Caretakers are individuals who are naturally nurturing and tend to be forgiving. As their description suggests, they desire to care for those around them, making them quite empathetic. This makes them an easy target – pulling on their heartstrings is easy. Narcissists use caretakers by pretending to be hurt by them, playing the victim until the caretaker looks after them and takes responsibility for the narcissist’s behavior.
When someone is already going against norms and getting in trouble, they’re a convenient target for scapegoating. This is especially true if the narcissist already manages to build a decent reputation. A troublemaker being to blame for someone’s problems is an easy idea to swallow. A narcissist will also likely lovebomb a rebel to get them attached, making the rebel feel like they’re important and giving them a much-desired bond of faked understanding. Once the rebel is trapped, the narcissist can turn them into an easy figure to blame.
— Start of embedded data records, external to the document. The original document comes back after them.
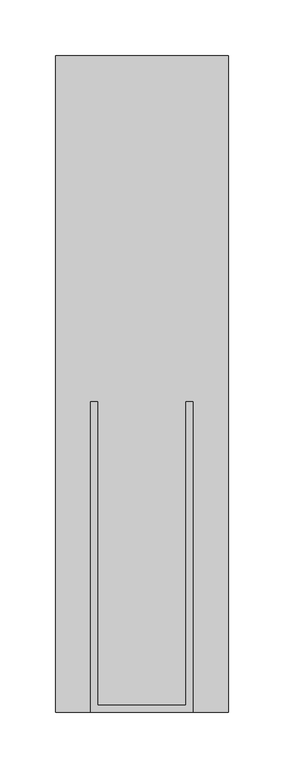
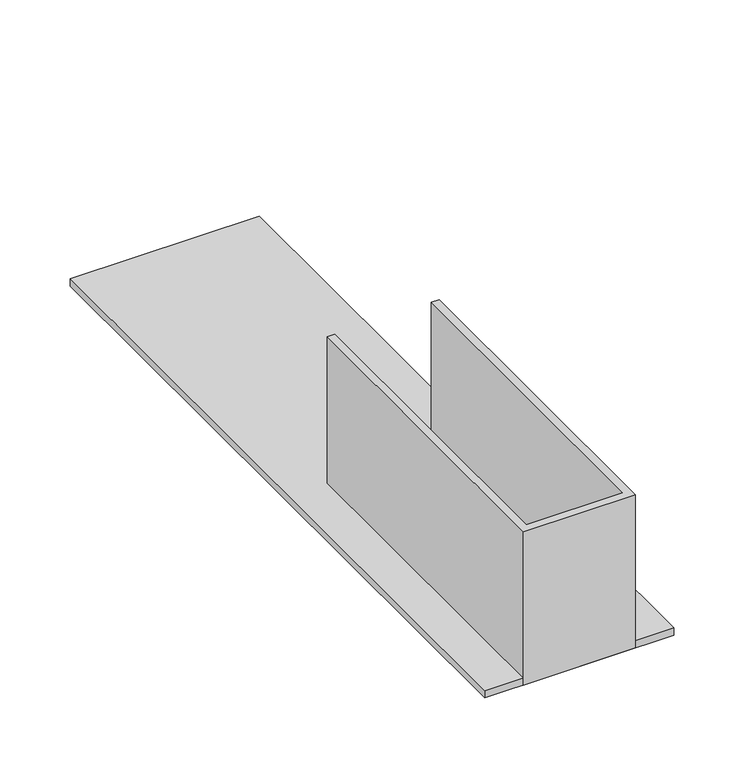
"""IFC4 building model written with IfcOpenShell, lengths in millimetres: fastener geometry, SIMPSON -THGBV - Truss Girder Hanger : SIMPSON -THGBV3.62/11 - HDG."""

import ifcopenshell
import ifcopenshell.guid

model = None  # the IFC model being written
_history = None  # IfcOwnerHistory: only IFC2X3 demands one
_inside = {}  # id of a spatial element -> (the spatial element, [elements in it])
_under = {}  # id of a project, library or spatial element -> (it, [spatial elements below it])
_declared = {}  # id of a project -> (the project, [libraries it declares])
_typed = {}  # id of a type object -> (the type object, [elements of that type])
_made_of = {}  # id of a material, layer set ... -> (it, [elements and type objects made of it])


def new_model(schema):
    """Start an empty IFC model of exactly this schema.

    Asked for "IFC4X3", IfcOpenShell would pick the latest addendum, in which some entities
    have other attributes; the version numbers below select the first issue.
    IFC2X3 requires an IfcOwnerHistory on every rooted entity: one is made here for all.
    """
    global model, _history
    if schema == "IFC4X3":
        model = ifcopenshell.file(schema_version=(4, 3, 0, 0))
    else:
        model = ifcopenshell.file(schema=schema)
    _inside.clear()
    _under.clear()
    _declared.clear()
    _typed.clear()
    _made_of.clear()
    _history = None
    if model.schema == "IFC2X3":
        org = make("IfcOrganization", Name="unknown")
        user = make(
            "IfcPersonAndOrganization",
            ThePerson=make("IfcPerson", FamilyName="unknown"),
            TheOrganization=org,
        )
        app = make(
            "IfcApplication",
            ApplicationDeveloper=org,
            Version="unknown",
            ApplicationFullName="unknown",
            ApplicationIdentifier="unknown",
        )
        _history = make(
            "IfcOwnerHistory",
            OwningUser=user,
            OwningApplication=app,
            ChangeAction="ADDED",
            CreationDate=0,
        )
    return model


def make(cls, **values):
    """One entity of the class cls with the attributes given. An attribute that is None is left unset."""
    return model.create_entity(
        cls, **{name: value for name, value in values.items() if value is not None}
    )


def rooted(cls, **values):
    """An entity with a GlobalId (a new one), such as an element, a storey or a relation."""
    return make(cls, GlobalId=ifcopenshell.guid.new(), OwnerHistory=_history, **values)


def si_unit(unit_type, name, prefix=None):
    """IfcSIUnit, for example si_unit("LENGTHUNIT", "METRE", prefix="MILLI")."""
    return make("IfcSIUnit", UnitType=unit_type, Prefix=prefix, Name=name)


def assignment(units):
    """IfcUnitAssignment: the units of a project."""
    return None if units is None else make("IfcUnitAssignment", Units=units)


def point(xyz):
    """IfcCartesianPoint."""
    return None if xyz is None else make("IfcCartesianPoint", Coordinates=xyz)


def direction(xyz):
    """IfcDirection."""
    return None if xyz is None else make("IfcDirection", DirectionRatios=xyz)


def frame(location, z_axis=None, x_axis=None):
    """IfcAxis2Placement3D, a coordinate frame: its origin and axes. An axis left out is left unset."""
    return make(
        "IfcAxis2Placement3D",
        Location=point(location),
        Axis=direction(z_axis),
        RefDirection=direction(x_axis),
    )


def origin():
    """The frame at (0, 0, 0) with its axes left unset."""
    return frame((0.0, 0.0, 0.0))


def origin_with_axes():
    """The frame at (0, 0, 0) with the z axis (0, 0, 1) and the x axis (1, 0, 0) written out."""
    return frame((0.0, 0.0, 0.0), z_axis=(0.0, 0.0, 1.0), x_axis=(1.0, 0.0, 0.0))


def place(relative_to, where):
    """IfcLocalPlacement: puts the frame where relative to a parent placement (None: the world)."""
    return make(
        "IfcLocalPlacement", PlacementRelTo=relative_to, RelativePlacement=where
    )


def context(
    kind, dimensions, precision=None, world=None, true_north=None, identifier=None
):
    """IfcGeometricRepresentationContext, for example the 3D "Model" context."""
    return make(
        "IfcGeometricRepresentationContext",
        ContextIdentifier=identifier,
        ContextType=kind,
        CoordinateSpaceDimension=dimensions,
        Precision=precision,
        WorldCoordinateSystem=world,
        TrueNorth=true_north,
    )


def project(units=None, contexts=None):
    """IfcProject with its units and contexts."""
    return rooted(
        "IfcProject",
        Name="project",
        RepresentationContexts=contexts,
        UnitsInContext=assignment(units),
    )


def spatial(cls, under=None, at=None, **own):
    """A site, building, storey or space (cls), placed at a placement, below another one or the project."""
    s = rooted(cls, ObjectPlacement=at, **own)
    if under is not None:
        _under.setdefault(under.id(), (under, []))[1].append(s)
    return s


def polyline(points):
    """IfcPolyline through the points."""
    return make("IfcPolyline", Points=[point(p) for p in points])


def outline(outer, holes=None, kind="AREA"):
    """IfcArbitraryClosedProfileDef: a profile drawn as a closed curve; with holes, ...WithVoids."""
    if holes is None:
        return make("IfcArbitraryClosedProfileDef", ProfileType=kind, OuterCurve=outer)
    return make(
        "IfcArbitraryProfileDefWithVoids",
        ProfileType=kind,
        OuterCurve=outer,
        InnerCurves=holes,
    )


def extrude(swept, where, along, depth):
    """IfcExtrudedAreaSolid: the profile swept, set in the frame where, extruded along a direction by depth."""
    return make(
        "IfcExtrudedAreaSolid",
        SweptArea=swept,
        Position=where,
        ExtrudedDirection=direction(along),
        Depth=depth,
    )


def shape(context_of_items, identifier, shape_type, items):
    """IfcShapeRepresentation: the items that make up one representation, for example the "Body"."""
    return make(
        "IfcShapeRepresentation",
        ContextOfItems=context_of_items,
        RepresentationIdentifier=identifier,
        RepresentationType=shape_type,
        Items=items,
    )


def source(mapping_origin, context_of_items, identifier, shape_type, items):
    """IfcRepresentationMap: a shape defined once, which mapped items show again and again."""
    return make(
        "IfcRepresentationMap",
        MappingOrigin=mapping_origin,
        MappedRepresentation=shape(context_of_items, identifier, shape_type, items),
    )


def transform(
    local_origin,
    x_axis=None,
    y_axis=None,
    z_axis=None,
    scale=None,
    scale2=None,
    scale3=None,
    uniform=True,
):
    """IfcCartesianTransformationOperator3D, or its non-uniform kind. x_axis, y_axis, z_axis: its Axis1, 2, 3."""
    if uniform:
        return make(
            "IfcCartesianTransformationOperator3D",
            Axis1=direction(x_axis),
            Axis2=direction(y_axis),
            LocalOrigin=point(local_origin),
            Scale=scale,
            Axis3=direction(z_axis),
        )
    return make(
        "IfcCartesianTransformationOperator3DnonUniform",
        Axis1=direction(x_axis),
        Axis2=direction(y_axis),
        LocalOrigin=point(local_origin),
        Scale=scale,
        Axis3=direction(z_axis),
        Scale2=scale2,
        Scale3=scale3,
    )


def mapped(mapping_source, mapping_target):
    """IfcMappedItem: shows the shape of a source again, moved by a transform."""
    return make(
        "IfcMappedItem", MappingSource=mapping_source, MappingTarget=mapping_target
    )


def made_of(thing, what):
    """Note that an element or type object is made of a material, layer set ...; save() writes the relation."""
    if what is not None:
        _made_of.setdefault(what.id(), (what, []))[1].append(thing)
    return thing


def element(
    cls,
    number,
    at=None,
    inside=None,
    cuts=None,
    type_object=None,
    material=None,
    context=None,
    identifier="Body",
    shape_type=None,
    held_by="IfcProductDefinitionShape",
    body=None,
    shapes=None,
    **own,
):
    """One element of the class cls, such as IfcWall. Its Tag is "e" and its number.

    at: its placement. inside: the storey or other place that contains it. cuts: it is an
    opening in that element (IfcRelVoidsElement). A single representation is given by context,
    identifier, shape_type and body (its items); several are given by shapes. held_by: the class
    of the entity that holds the representations. save() writes the other relations.
    """
    e = rooted(cls, Tag="e%d" % number, ObjectPlacement=at, **own)
    if body is not None:
        shapes = [shape(context, identifier, shape_type, body)]
    if shapes is not None:
        e.Representation = make(held_by, Representations=shapes)
    if inside is not None:
        _inside.setdefault(inside.id(), (inside, []))[1].append(e)
    if cuts is not None:
        rooted(
            "IfcRelVoidsElement", RelatingBuildingElement=cuts, RelatedOpeningElement=e
        )
    if type_object is not None:
        _typed.setdefault(type_object.id(), (type_object, []))[1].append(e)
    return made_of(e, material)


def aggregate(whole, parts):
    """IfcRelAggregates: a whole, such as a stair, and the parts it consists of."""
    return rooted("IfcRelAggregates", RelatingObject=whole, RelatedObjects=parts)


def save(model, path):
    """Write the relations noted so far, then the file.

    IfcRelAggregates (storeys below a building ...), IfcRelContainedInSpatialStructure (elements
    in a storey), IfcRelDefinesByType, IfcRelAssociatesMaterial and IfcRelDeclares: one each for
    every whole, place, type object, material and project.
    """
    for whole, parts in _under.values():
        aggregate(whole, parts)
    for where, things in _inside.values():
        rooted(
            "IfcRelContainedInSpatialStructure",
            RelatedElements=things,
            RelatingStructure=where,
        )
    for kind, things in _typed.values():
        rooted("IfcRelDefinesByType", RelatedObjects=things, RelatingType=kind)
    for what, things in _made_of.values():
        rooted("IfcRelAssociatesMaterial", RelatedObjects=things, RelatingMaterial=what)
    for by, libraries in _declared.values():
        rooted("IfcRelDeclares", RelatingContext=by, RelatedDefinitions=libraries)
    model.write(path)


def fastener_a0b837a1(model_context):
    return source(origin(), model_context, "Body", "SweptSolid", [
        extrude(outline(polyline([(-46.0375, 0.0), (-46.0375, 279.4), (-39.6875, 279.4), (-39.6875, 6.35), (39.6875, 6.35), (39.6875, 279.4), (46.0375, 279.4), (46.0375, 0.0), (-46.0375, 0.0)])), origin_with_axes(), (0.0, 0.0, 1.0), 133.35),
        extrude(outline(polyline([(77.7875, 590.55), (77.7875, 0.0), (-77.7875, 0.0), (-77.7875, 590.55), (77.7875, 590.55)])), origin_with_axes(), (0.0, 0.0, 1.0), 6.35),
    ])


if __name__ == "__main__":
    model = new_model("IFC4")
    model_context = context("Model", 3, world=origin())
    ifc_project = project(units=[si_unit("LENGTHUNIT", "METRE", prefix="MILLI")], contexts=[model_context])
    site = spatial("IfcSite", under=ifc_project)
    building = spatial("IfcBuilding", under=site)
    placement = place(None, origin())
    fastener_shape = fastener_a0b837a1(model_context)
    element("IfcFastener", 1, ObjectType="SIMPSON -THGBV - Truss Girder Hanger : SIMPSON -THGBV3.62/11 - HDG", at=placement, inside=building, context=model_context, shape_type="MappedRepresentation", body=[
        mapped(fastener_shape, transform((0.0, 0.0, 0.0), x_axis=(1.0, 0.0, 0.0), y_axis=(0.0, 1.0, 0.0), z_axis=(0.0, 0.0, 1.0))),
    ])
    save(model, "model.ifc")

# Revit data of these elements
# Type "SIMPSON -THGBV - Truss Girder Hanger : SIMPSON -THGBV3.62/11 - HDG"
#   URL = "http://embed.widencdn.net/pdf/plus/ssttoolbox/iecrxc4cbv/C-C-2017-p254-255.pdf"
#   W = 0' - 3 5/8"
#   H = 0' - 11"
#   Default Elevation = 4' - 0"

Problem-solvers are always looking to find solutions and fix situations. As caretakers, they may take responsibility for other people’s actions, working to correct any wrongs they have committed. The problem-solver can be a good scapegoat for narcissists because they’ll take it upon themselves to patch up problems. The narcissist has to point out all the issues, connect the problem-solver to them, and put them to work.
· Those They Want To Be Like
If there’s someone a narcissist is envious of, they’ll likely try to turn that person into a scapegoat. For the sake of the green-eyed monster, a narcissist will project, hard, onto the subject of their envy to try and find things that are wrong with them. Being able to tarnish the reputation of someone the narcissist wishes they could be like is just the cherry on top for them.
Final Thoughts On Understanding Why A Narcissist Needs A Scapegoat
Narcissists need victims to handle their emotions and regulate their self-loathing. They also need scapegoats to form their perfect image and have someone to blame all problems on, creating the ideal defense. They convince their scapegoat that the scapegoat is always at fault in the process, leaving lifelong trauma on that victim.
Narcissists typically seek out vulnerable or highly empathetic people to use as scapegoats. This is why so many narcissists have a chosen child as a scapegoat. However, a narcissist will likely also find other scapegoats for the different social circles that they spend time in.
It is worth pointing out that the word “narcissist” has been carelessly thrown around more often in recent years. The term does not apply to anyone; people can be toxic, manipulative, or unpleasant without being narcissists. Identifying a real narcissist is vital for your mental health and safety. Incorrectly labeling them will only cause more trouble.
If you think a narcissist currently scapegoats you, you must disengage and get away as soon as possible. Being the victim of a narcissist can harm your self-esteem, and you may have already fallen under the spiral of their spell. Seek professional help if you need it!